▶

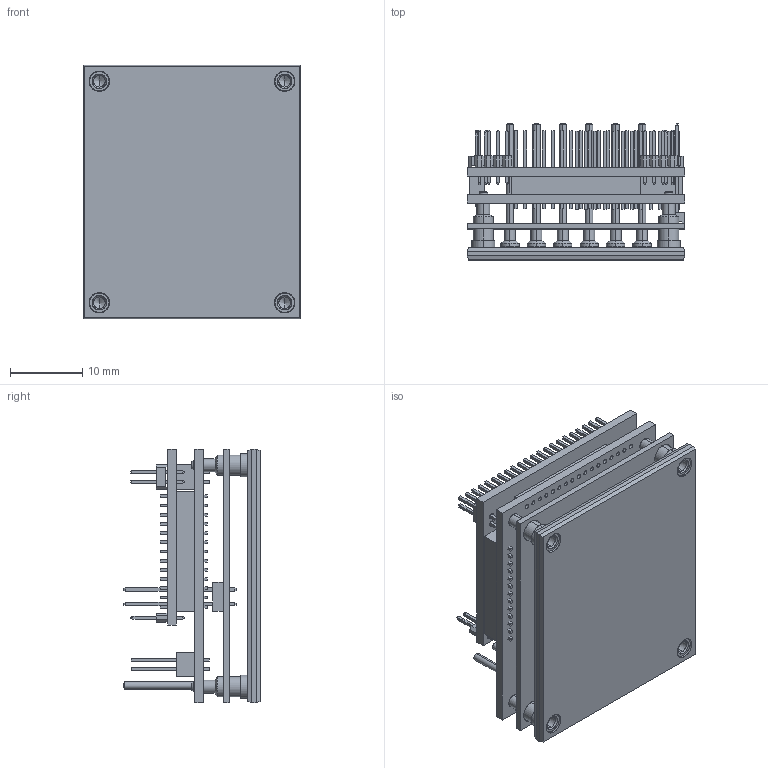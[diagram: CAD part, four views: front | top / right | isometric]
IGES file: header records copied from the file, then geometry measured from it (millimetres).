
Start section: SolidWorks IGES file using analytic representation for surfaces
Global section: file name: P:\Products\SimpllQ2\Hardware\G-TWI\ENG\SOLID__SRC\ASS S WHI-ETHERCAT1.IGS; native system: SolidWorks 2013; preprocessor: SolidWorks 2013; author: mariand; date: 141007.094628; units: millimetre
Bounding box: 30 x 18.84 x 35 mm (x, y, z)
Surface area: 11324.8 mm2 (no closed solid volume)
Topology: 0 solids, 0 shells, 2806 faces, 20478 edges, 20470 vertices
Faces by surface type: bspline 1948, revolution 858

◀

#### Your instructions:
What needs duplicating is the run of lines from the one containing "IGES file: header" through the last line of the entries above, exact and complete.

#### Response to the task:
IGES file: header records copied from the file, then geometry measured from it (millimetres).
Start section: SolidWorks IGES file using analytic representation for surfaces
Global section: file name: P:\Products\SimpllQ2\Hardware\G-TWI\ENG\SOLID__SRC\ASS S WHI-ETHERCAT1.IGS; native system: SolidWorks 2013; preprocessor: SolidWorks 2013; author: mariand; date: 141007.094628; units: millimetre
Bounding box: 30 x 18.84 x 35 mm (x, y, z)
Surface area: 11324.8 mm2 (no closed solid volume)
Topology: 0 solids, 0 shells, 2806 faces, 20478 edges, 20470 vertices
Faces by surface type: bspline 1948, revolution 858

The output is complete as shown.